_Provided data_

-=-=-

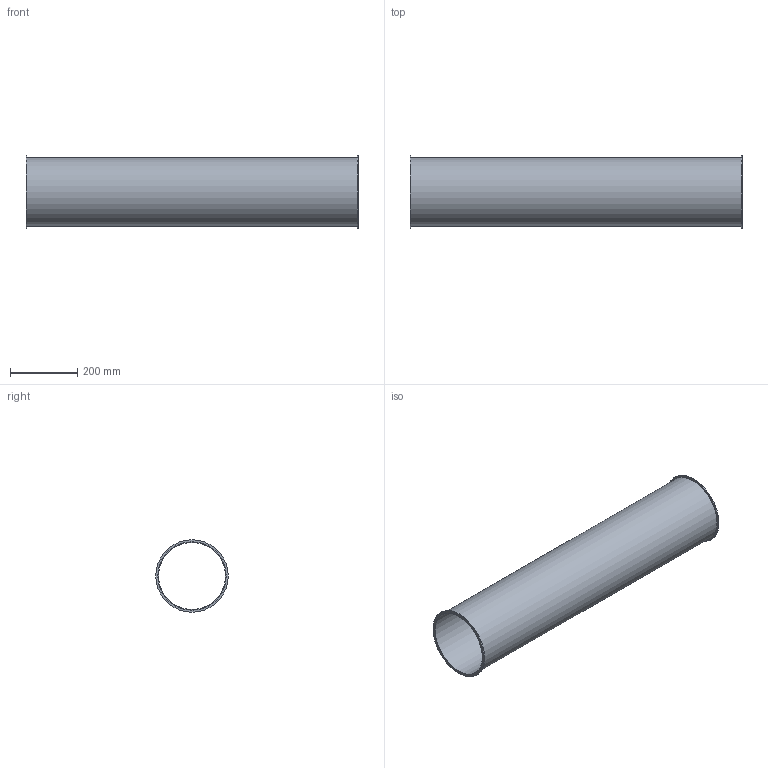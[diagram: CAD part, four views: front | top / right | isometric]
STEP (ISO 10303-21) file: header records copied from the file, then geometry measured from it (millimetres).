
FILE_DESCRIPTION((''),'2;1');
FILE_NAME('U:\Wolfgang\Marcel-3D\fertig\Kapitel 1\2021002.stp','2010-05-31T11:16:23',('TK2'),(''),'Autodesk Inventor 2010','Autodesk Inventor 2010','');
FILE_SCHEMA(('AUTOMOTIVE_DESIGN { 1 0 10303 214 1 1 1 1 }'));
Length unit declared in the file: millimetre
Products named in the file (1): 2021002
Bounding box: 986 x 215 x 215 mm (x, y, z)
Volume: 1260997.6 mm3; surface area: 1263674.2 mm2
Topology: 1 solids, 1 shells, 8 faces, 12 edges, 8 vertices
Faces by surface type: cylinder 4, plane 4
Full cylindrical faces by diameter (mm): 199 x1, 203 x1, 215 x2
Entity records: 194 total; most frequent: DIRECTION 34, CARTESIAN_POINT 25, AXIS2_PLACEMENT_3D 17, ORIENTED_EDGE 16, EDGE_LOOP 16, VERTEX_POINT 8, CIRCLE 8, EDGE_CURVE 8

-=-=-

_What you need to do_
All lines from the one containing "STEP (ISO 10303-21)" to the end of the records are to be duplicated exactly, and no other lines are to be given.

_Solved problem_
STEP (ISO 10303-21) file: header records copied from the file, then geometry measured from it (millimetres).
FILE_DESCRIPTION((''),'2;1');
FILE_NAME('U:\Wolfgang\Marcel-3D\fertig\Kapitel 1\2021002.stp','2010-05-31T11:16:23',('TK2'),(''),'Autodesk Inventor 2010','Autodesk Inventor 2010','');
FILE_SCHEMA(('AUTOMOTIVE_DESIGN { 1 0 10303 214 1 1 1 1 }'));
Length unit declared in the file: millimetre
Products named in the file (1): 2021002
Bounding box: 986 x 215 x 215 mm (x, y, z)
Volume: 1260997.6 mm3; surface area: 1263674.2 mm2
Topology: 1 solids, 1 shells, 8 faces, 12 edges, 8 vertices
Faces by surface type: cylinder 4, plane 4
Full cylindrical faces by diameter (mm): 199 x1, 203 x1, 215 x2
Entity records: 194 total; most frequent: DIRECTION 34, CARTESIAN_POINT 25, AXIS2_PLACEMENT_3D 17, ORIENTED_EDGE 16, EDGE_LOOP 16, VERTEX_POINT 8, CIRCLE 8, EDGE_CURVE 8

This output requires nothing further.